Yunanistan’ın altın devrini yaşadığı günlerde İpoklit isminde genç bir Atinalı vardı. İpoklit bir kuş kadar hafif ve hareketli idi.

Kabına sığmayan genç çocuk hayatını dans etmekle geçiriyor, daha doğrusu hayatıyla dans ediyordu. İpoklid bir gün Peloponez’in müstebit hükümdarı Klisten’in kızını gördü. Bu güzel kıza hemen aşık oldu. Ciddi ve ağır başlı Klister’in hoşuna gitmek için o da ağır başlı olmaya çalıştı.

Tam bir yıl boyunca gülmekten, dans etmekten kendini men etti. Adab-ı muaşeret kaidelerini hiç ihmal etmedi.

Herkes onu hakiki bir Spartalı olarak görmeye başlamıştı.

Sabreden derviş muradına ermiş. Kristen güzel Atinalı ile kızının evlenme töreninde içkili büyük bir ziyafet verdi.

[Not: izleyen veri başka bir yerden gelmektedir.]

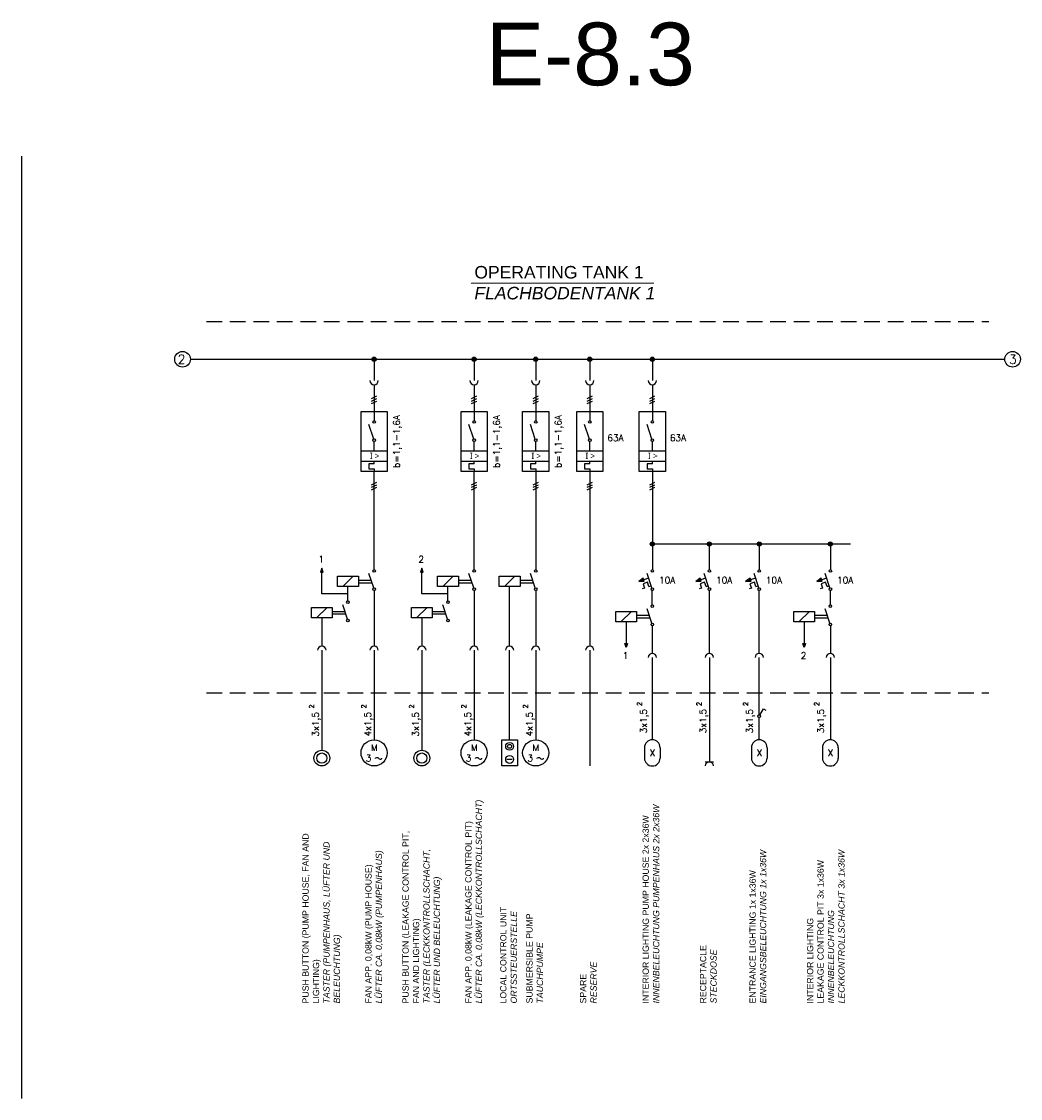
# Model space of a CAD drawing. Header units: millimetres. Extents: x 64 to 574, y 80 to 262.
# Tile 6 of 10: x 262 to 341, y 176 to 262. Entities that reach past the tile are written whole.
import ezdxf
from ezdxf.enums import TextEntityAlignment as Align

# ---------------------------------------------------------------- set-up
doc = ezdxf.new("R2010")
doc.units = ezdxf.units.MM
doc.linetypes.add('HIDDEN', pattern=[0.375, 0.25, -0.125])
doc.styles.add('LBB3.5M1000', font='isocp.shx', dxfattribs={"height": 3.5})
doc.styles.add('ROMANS', font='ROMANS', dxfattribs={"height": 0.2})

msp = doc.modelspace()

# ---------------------------------------------------------------- hatches: boundary and pattern name
at = {"linetype": 'Continuous'}
h = msp.add_hatch(color=256, dxfattribs=at)
edge = h.paths.add_edge_path()
edge.add_arc((289.727, 235.394), 0.167, 0, 360)
h = msp.add_hatch(color=256, dxfattribs=at)
edge = h.paths.add_edge_path()
edge.add_arc((297.708, 235.394), 0.167, 0, 360)
h = msp.add_hatch(color=256, dxfattribs=at)
edge = h.paths.add_edge_path()
edge.add_arc((302.625, 235.394), 0.167, 0, 360)
h = msp.add_hatch(color=256, dxfattribs=at)
edge = h.paths.add_edge_path()
edge.add_arc((306.935, 235.394), 0.167, 0, 360)
h = msp.add_hatch(color=256, dxfattribs=at)
edge = h.paths.add_edge_path()
edge.add_arc((311.929, 235.394), 0.167, 0, 360)
h = msp.add_hatch(color=256, dxfattribs=at)
edge = h.paths.add_edge_path()
edge.add_arc((311.929, 220.655), 0.167, 0, 360)
h = msp.add_hatch(color=256, dxfattribs=at)
edge = h.paths.add_edge_path()
edge.add_arc((316.48, 220.655), 0.167, 0, 360)
h = msp.add_hatch(color=256, dxfattribs=at)
edge = h.paths.add_edge_path()
edge.add_arc((320.462, 220.655), 0.167, 0, 360)
h = msp.add_hatch(color=256, dxfattribs=at)
edge = h.paths.add_edge_path()
edge.add_arc((326.136, 220.655), 0.167, 0, 360)
h = msp.add_hatch(color=256)
h.dxf.hatch_style = 1
h.paths.add_polyline_path([(285.556, 218.729), (285.451, 218.396), (285.66, 218.396)])
h = msp.add_hatch(color=256)
h.dxf.hatch_style = 1
h.paths.add_polyline_path([(293.536, 218.729), (293.432, 218.396), (293.641, 218.396)])
h = msp.add_hatch(color=256)
h.dxf.hatch_style = 1
h.paths.add_polyline_path([(310.84, 217.669), (311.282, 217.673), (311.196, 217.932)])
h = msp.add_hatch(color=256)
h.dxf.hatch_style = 1
h.paths.add_polyline_path([(315.391, 217.669), (315.833, 217.673), (315.747, 217.932)])
h = msp.add_hatch(color=256)
h.dxf.hatch_style = 1
h.paths.add_polyline_path([(319.373, 217.669), (319.815, 217.673), (319.729, 217.932)])
h = msp.add_hatch(color=256)
h.dxf.hatch_style = 1
h.paths.add_polyline_path([(325.047, 217.669), (325.489, 217.673), (325.403, 217.932)])
h = msp.add_hatch(color=256)
h.dxf.hatch_style = 1
h.paths.add_polyline_path([(309.842, 212.388), (309.737, 212.721), (309.946, 212.721)])
h = msp.add_hatch(color=256)
h.dxf.hatch_style = 1
h.paths.add_polyline_path([(324.048, 212.388), (323.944, 212.721), (324.152, 212.721)])

# ---------------------------------------------------------------- linework, layer by layer
at = {"color": 1}
msp.add_line((261.594, 251.613), (261.594, 176.401), dxfattribs=at)
at = {"linetype": 'Continuous', "lineweight": 15}
msp.add_line((297.475, 241.477), (312.061, 241.477), dxfattribs=at)
at = {"linetype": 'HIDDEN', "ltscale": 5}
for p, q in [((276.342, 238.409), (338.777, 238.409)), ((276.342, 208.785), (338.777, 208.785))]:
    msp.add_line(p, q, dxfattribs=at)
at = {"linetype": 'Continuous'}
for p, q in [((275.067, 235.394), (340.053, 235.394)), ((286.807, 218.084), (288.476, 218.084)), ((286.807, 217.249), (286.807, 218.084)), ((287.224, 217.249), (288.058, 218.084)), ((288.476, 218.084), (288.476, 217.249)), ((288.476, 217.771), (289.484, 217.771)), ((288.476, 217.562), (289.553, 217.562)), ((289.694, 217.14), (289.31, 218.292)), ((294.788, 218.084), (296.456, 218.084)), ((294.788, 217.249), (294.788, 218.084)), ((295.205, 217.249), (296.039, 218.084)), ((296.456, 218.084), (296.456, 217.249)), ((296.456, 217.771), (297.464, 217.771)), ((296.456, 217.562), (297.534, 217.562)), ((297.675, 217.14), (297.29, 218.292)), ((299.705, 218.084), (301.374, 218.084)), ((299.705, 217.249), (299.705, 218.084)), ((300.122, 217.249), (300.957, 218.084)), ((301.374, 218.084), (301.374, 217.249)), ((301.374, 217.771), (302.382, 217.771)), ((301.374, 217.562), (302.451, 217.562)), ((302.592, 217.14), (302.208, 218.292)), ((311.632, 217.933), (311.239, 217.802)), ((311.896, 217.14), (311.512, 218.292)), ((316.183, 217.933), (315.79, 217.802)), ((316.447, 217.14), (316.063, 218.292)), ((320.165, 217.933), (319.772, 217.802)), ((320.429, 217.14), (320.045, 218.292)), ((325.838, 217.933), (325.446, 217.802)), ((326.103, 217.14), (325.719, 218.292)), ((288.476, 217.249), (286.807, 217.249)), ((296.456, 217.249), (294.788, 217.249)), ((301.374, 217.249), (299.705, 217.249)), ((287.608, 214.642), (287.224, 215.795)), ((295.589, 214.642), (295.205, 215.795)), ((284.721, 215.586), (286.39, 215.586)), ((284.721, 214.752), (284.721, 215.586)), ((285.139, 214.752), (285.973, 215.586)), ((286.39, 215.586), (286.39, 214.752)), ((286.39, 215.273), (287.398, 215.273)), ((286.39, 215.065), (287.468, 215.065)), ((292.702, 215.586), (294.371, 215.586)), ((292.702, 214.752), (292.702, 215.586)), ((293.119, 214.752), (293.953, 215.586)), ((294.371, 215.586), (294.371, 214.752)), ((294.371, 215.273), (295.379, 215.273)), ((294.371, 215.065), (295.448, 215.065)), ((309.007, 215.273), (310.676, 215.273)), ((309.007, 214.439), (309.007, 215.273)), ((309.425, 214.439), (310.259, 215.273)), ((310.676, 215.273), (310.676, 214.439)), ((310.676, 214.961), (311.684, 214.961)), ((311.894, 214.33), (311.51, 215.482)), ((323.214, 215.273), (324.882, 215.273)), ((323.214, 214.439), (323.214, 215.273)), ((323.631, 214.439), (324.465, 215.273)), ((324.882, 215.273), (324.882, 214.439)), ((324.882, 214.961), (325.89, 214.961)), ((326.101, 214.33), (325.717, 215.482)), ((286.39, 214.752), (284.721, 214.752)), ((294.371, 214.752), (292.702, 214.752)), ((310.676, 214.439), (309.007, 214.439)), ((310.676, 214.752), (311.754, 214.752)), ((324.882, 214.439), (323.214, 214.439)), ((324.882, 214.752), (325.96, 214.752)), ((316.48, 211.583), (316.48, 203.27)), ((299.914, 205.022), (301.165, 205.022)), ((299.914, 202.936), (299.914, 205.022)), ((301.165, 205.022), (301.165, 202.936)), ((301.165, 202.936), (299.914, 202.936)), ((300.749, 203.458), (300.328, 203.458)), ((316.146, 203.27), (316.814, 203.27))]:
    msp.add_line(p, q, dxfattribs=at)
at = {"color": 7, "linetype": 'Continuous'}
for p, q in [((289.727, 235.394), (289.727, 233.694)), ((297.708, 235.394), (297.708, 233.694)), ((302.625, 235.394), (302.625, 233.694)), ((306.935, 235.394), (306.935, 233.694)), ((311.929, 235.394), (311.929, 233.694)), ((289.727, 233.36), (289.727, 230.493)), ((297.708, 233.36), (297.708, 230.493)), ((302.625, 233.36), (302.625, 230.493)), ((306.935, 233.36), (306.935, 230.493)), ((311.929, 233.36), (311.929, 230.493)), ((289.518, 232.266), (289.936, 232.474)), ((289.518, 232.057), (289.936, 232.266)), ((289.518, 231.849), (289.936, 232.057)), ((297.499, 232.266), (297.916, 232.474)), ((297.499, 232.057), (297.916, 232.266)), ((297.499, 231.849), (297.916, 232.057)), ((302.417, 232.266), (302.834, 232.474)), ((302.417, 232.057), (302.834, 232.266)), ((302.417, 231.849), (302.834, 232.057)), ((306.726, 232.266), (307.144, 232.474)), ((306.726, 232.057), (307.144, 232.266)), ((306.726, 231.849), (307.144, 232.057)), ((311.721, 232.266), (312.138, 232.474)), ((311.721, 232.057), (312.138, 232.266)), ((311.721, 231.849), (312.138, 232.057)), ((288.684, 231.223), (290.77, 231.223)), ((288.684, 226.426), (288.684, 231.223)), ((290.77, 231.223), (290.77, 226.426)), ((296.665, 231.223), (298.75, 231.223)), ((296.665, 226.426), (296.665, 231.223)), ((298.75, 231.223), (298.75, 226.426)), ((301.582, 231.223), (303.668, 231.223)), ((301.582, 226.426), (301.582, 231.223)), ((303.668, 231.223), (303.668, 226.426)), ((305.892, 231.223), (307.978, 231.223)), ((305.892, 226.426), (305.892, 231.223)), ((307.978, 231.223), (307.978, 226.426)), ((310.887, 231.223), (312.972, 231.223)), ((310.887, 226.426), (310.887, 231.223)), ((312.972, 231.223), (312.972, 226.426)), ((289.694, 229.028), (289.31, 230.18)), ((297.675, 229.028), (297.29, 230.18)), ((302.592, 229.028), (302.208, 230.18)), ((306.902, 229.028), (306.518, 230.18)), ((311.896, 229.028), (311.512, 230.18)), ((289.727, 228.095), (289.727, 228.824)), ((297.708, 228.095), (297.708, 228.824)), ((302.625, 228.095), (302.625, 228.824)), ((306.935, 228.095), (306.935, 228.824)), ((311.929, 228.095), (311.929, 228.824)), ((288.684, 228.095), (290.77, 228.095)), ((296.665, 228.095), (298.75, 228.095)), ((301.582, 228.095), (303.668, 228.095)), ((305.892, 228.095), (307.978, 228.095)), ((310.887, 228.095), (312.972, 228.095)), ((288.684, 227.26), (290.77, 227.26)), ((289.727, 227.052), (289.31, 227.052)), ((289.31, 227.052), (289.31, 226.635)), ((289.727, 227.052), (289.727, 227.26)), ((296.665, 227.26), (298.75, 227.26)), ((297.708, 227.052), (297.29, 227.052)), ((297.29, 227.052), (297.29, 226.635)), ((297.708, 227.052), (297.708, 227.26)), ((301.582, 227.26), (303.668, 227.26)), ((302.625, 227.052), (302.208, 227.052)), ((302.208, 227.052), (302.208, 226.635)), ((302.625, 227.052), (302.625, 227.26)), ((305.892, 227.26), (307.978, 227.26)), ((306.935, 227.052), (306.518, 227.052)), ((306.518, 227.052), (306.518, 226.635)), ((306.935, 227.052), (306.935, 227.26)), ((310.887, 227.26), (312.972, 227.26)), ((311.929, 227.052), (311.512, 227.052)), ((311.512, 227.052), (311.512, 226.635)), ((311.929, 227.052), (311.929, 227.26)), ((290.77, 226.426), (288.684, 226.426)), ((289.31, 226.635), (289.727, 226.635)), ((289.727, 226.635), (289.727, 226.426)), ((289.727, 218.605), (289.727, 226.426)), ((298.75, 226.426), (296.665, 226.426)), ((297.29, 226.635), (297.708, 226.635)), ((297.708, 226.635), (297.708, 226.426)), ((297.708, 218.605), (297.708, 226.426)), ((303.668, 226.426), (301.582, 226.426)), ((302.208, 226.635), (302.625, 226.635)), ((302.625, 226.635), (302.625, 226.426)), ((302.625, 226.426), (302.625, 218.605)), ((307.978, 226.426), (305.892, 226.426)), ((306.518, 226.635), (306.935, 226.635)), ((306.935, 226.635), (306.935, 226.426)), ((306.935, 226.426), (306.935, 212.5)), ((312.972, 226.426), (310.887, 226.426)), ((311.512, 226.635), (311.929, 226.635)), ((311.929, 226.635), (311.929, 226.426)), ((289.518, 225.383), (289.936, 225.592)), ((289.518, 225.175), (289.936, 225.383)), ((289.518, 224.966), (289.936, 225.175)), ((297.499, 225.383), (297.916, 225.592)), ((297.499, 225.175), (297.916, 225.383)), ((297.499, 224.966), (297.916, 225.175)), ((302.417, 225.383), (302.834, 225.592)), ((302.417, 225.175), (302.834, 225.383)), ((302.417, 224.966), (302.834, 225.175)), ((306.726, 225.383), (307.144, 225.592)), ((306.726, 225.175), (307.144, 225.383)), ((306.726, 224.966), (307.144, 225.175)), ((311.721, 225.383), (312.138, 225.592)), ((311.721, 225.175), (312.138, 225.383)), ((311.721, 224.966), (312.138, 225.175)), ((311.929, 220.655), (311.929, 218.605)), ((316.48, 218.605), (316.48, 220.655)), ((320.462, 220.655), (320.462, 218.605)), ((326.136, 220.655), (326.136, 218.605)), ((311.543, 217.604), (311.185, 217.484)), ((311.185, 217.484), (311.304, 217.127)), ((311.662, 217.246), (311.543, 217.604)), ((316.094, 217.604), (315.736, 217.484)), ((315.736, 217.484), (315.855, 217.127)), ((316.213, 217.246), (316.094, 217.604)), ((320.076, 217.604), (319.718, 217.484)), ((319.718, 217.484), (319.837, 217.127)), ((320.195, 217.246), (320.076, 217.604)), ((325.749, 217.604), (325.392, 217.484)), ((325.392, 217.484), (325.511, 217.127)), ((325.869, 217.246), (325.749, 217.604)), ((287.641, 216.108), (287.641, 217.249)), ((289.727, 216.936), (289.727, 212.5)), ((295.622, 216.108), (295.622, 217.249)), ((297.708, 216.936), (297.708, 212.5)), ((300.54, 212.5), (300.54, 217.249)), ((302.625, 216.936), (302.625, 212.5)), ((311.304, 217.127), (311.126, 217.067)), ((311.662, 217.246), (311.841, 217.306)), ((311.927, 215.795), (311.927, 216.936)), ((315.855, 217.127), (315.676, 217.067)), ((316.213, 217.246), (316.392, 217.306)), ((316.48, 211.916), (316.48, 216.936)), ((319.837, 217.127), (319.658, 217.067)), ((320.195, 217.246), (320.374, 217.306)), ((320.46, 211.916), (320.46, 216.936)), ((325.511, 217.127), (325.332, 217.067)), ((325.869, 217.246), (326.048, 217.306)), ((326.134, 215.795), (326.134, 216.936)), ((285.556, 214.752), (285.556, 212.5)), ((293.536, 214.752), (293.536, 212.5)), ((285.556, 212.166), (285.556, 204.187)), ((289.727, 212.166), (289.727, 205.022)), ((293.536, 212.166), (293.536, 204.187)), ((297.708, 212.166), (297.708, 205.022)), ((300.54, 205.022), (300.54, 212.166)), ((302.625, 212.166), (302.625, 205.022)), ((306.935, 212.166), (306.935, 202.936)), ((320.46, 207.008), (320.46, 211.583)), ((320.512, 206.994), (320.801, 207.494)), ((320.801, 207.494), (320.982, 207.39)), ((320.46, 205.022), (320.46, 206.799))]:
    msp.add_line(p, q, dxfattribs=at)
for p, q in [((311.929, 226.426), (311.929, 220.655)), ((311.929, 220.655), (327.745, 220.655)), ((285.556, 216.678), (285.556, 218.396)), ((293.536, 216.678), (293.536, 218.396)), ((287.641, 216.678), (285.556, 216.678)), ((295.622, 216.678), (293.536, 216.678)), ((309.842, 214.439), (309.842, 212.721)), ((311.927, 214.126), (311.927, 211.916)), ((324.048, 214.439), (324.048, 212.721)), ((326.134, 214.126), (326.134, 211.916)), ((311.927, 211.583), (311.927, 205.022)), ((326.134, 211.583), (326.134, 205.022)), ((311.302, 204.396), (311.302, 203.562)), ((312.553, 204.396), (312.553, 203.562)), ((319.834, 204.396), (319.834, 203.562)), ((321.086, 204.396), (321.086, 203.562)), ((325.508, 204.396), (325.508, 203.562)), ((326.759, 204.396), (326.759, 203.562))]:
    msp.add_line(p, q)
for points in [[(285.556, 218.729), (285.451, 218.396), (285.66, 218.396)], [(293.536, 218.729), (293.432, 218.396), (293.641, 218.396)], [(309.842, 212.388), (309.737, 212.721), (309.946, 212.721)], [(324.048, 212.388), (323.944, 212.721), (324.152, 212.721)]]:
    msp.add_lwpolyline(points, close=True)
at = {"linetype": 'Continuous'}
for points in [[(310.84, 217.669), (311.282, 217.673), (311.196, 217.932)], [(315.391, 217.669), (315.833, 217.673), (315.747, 217.932)], [(319.373, 217.669), (319.815, 217.673), (319.729, 217.932)], [(325.047, 217.669), (325.489, 217.673), (325.403, 217.932)]]:
    msp.add_lwpolyline(points, close=True, dxfattribs=at)
for points in [[(289.833, 203.533), (289.834, 203.562), (289.876, 203.595), (289.936, 203.611), (289.958, 203.611), (290.024, 203.599), (290.139, 203.499), (290.201, 203.481), (290.252, 203.48), (290.314, 203.498), (290.351, 203.523), (290.353, 203.562)], [(297.813, 203.533), (297.814, 203.562), (297.856, 203.595), (297.917, 203.611), (297.939, 203.611), (298.005, 203.599), (298.119, 203.499), (298.182, 203.481), (298.232, 203.48), (298.295, 203.498), (298.331, 203.523), (298.333, 203.562)], [(302.731, 203.533), (302.732, 203.562), (302.774, 203.595), (302.834, 203.611), (302.857, 203.611), (302.922, 203.599), (303.037, 203.499), (303.099, 203.481), (303.15, 203.48), (303.212, 203.498), (303.249, 203.523), (303.251, 203.562)]]:
    msp.add_lwpolyline(points, dxfattribs=at)
at = {"color": 7, "linetype": 'Continuous'}
for centre, radius in [((274.441, 235.394), 0.626), ((289.727, 235.394), 0.167), ((297.708, 235.394), 0.167), ((302.625, 235.394), 0.167), ((306.935, 235.394), 0.167), ((311.929, 235.394), 0.167), ((340.678, 235.394), 0.626), ((289.727, 230.389), 0.104), ((297.708, 230.389), 0.104), ((302.625, 230.389), 0.104), ((306.935, 230.389), 0.104), ((311.929, 230.389), 0.104), ((289.727, 228.929), 0.104), ((297.708, 228.929), 0.104), ((302.625, 228.929), 0.104), ((306.935, 228.929), 0.104), ((311.929, 228.929), 0.104), ((311.929, 220.655), 0.167), ((316.48, 220.655), 0.167), ((320.462, 220.655), 0.167), ((326.136, 220.655), 0.167), ((289.727, 218.501), 0.104), ((297.708, 218.501), 0.104), ((302.625, 218.501), 0.104), ((311.929, 218.501), 0.104), ((316.48, 218.501), 0.104), ((320.462, 218.501), 0.104), ((326.136, 218.501), 0.104), ((289.727, 217.041), 0.104), ((297.708, 217.041), 0.104), ((302.625, 217.041), 0.104), ((311.929, 217.041), 0.104), ((316.48, 217.041), 0.104), ((320.462, 217.041), 0.104), ((326.136, 217.041), 0.104), ((287.641, 216.003), 0.104), ((295.622, 216.003), 0.104), ((311.927, 215.691), 0.104), ((326.134, 215.691), 0.104), ((287.641, 214.543), 0.104), ((295.622, 214.543), 0.104), ((311.927, 214.231), 0.104), ((326.134, 214.231), 0.104), ((320.46, 206.903), 0.104), ((285.556, 203.562), 0.626), ((285.556, 203.562), 0.411), ((293.536, 203.562), 0.626), ((293.536, 203.562), 0.411)]:
    msp.add_circle(centre, radius, dxfattribs=at)
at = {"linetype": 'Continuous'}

Memleketin her tarafından envai çeşit şarap getirmişti. Ne yazık ki İpoklid biraz fazla kaçırdı. Ziyafetin sonunda birden masaya sıçradı. Evvela bacaklarının sonra ellerinin ve nihayet başının üzerinde dans etmeye başladı. Misafirler ve müstakbel kayınbaba hayretler içinde kaldılar. O zaman Kristen İpoklid "Sen asla benim damadım olmayacaksın. Dans etmen evlenmene engeldir." dedi.

Güzel Atinalı Klisten'e şu cevap verdi:

— İpoklid’in umurunda bile değil. İpoklid dans için doğdu dans için ölecek. Ve güzel Atinalı bütün kuvveti ile deli dolu dans etmeye başladı.

Çünkü insan iç güdülerine hâkim olmaya beyhude yere gayret eder. İnsanın hareketlerini idare eden iç güdüleridir.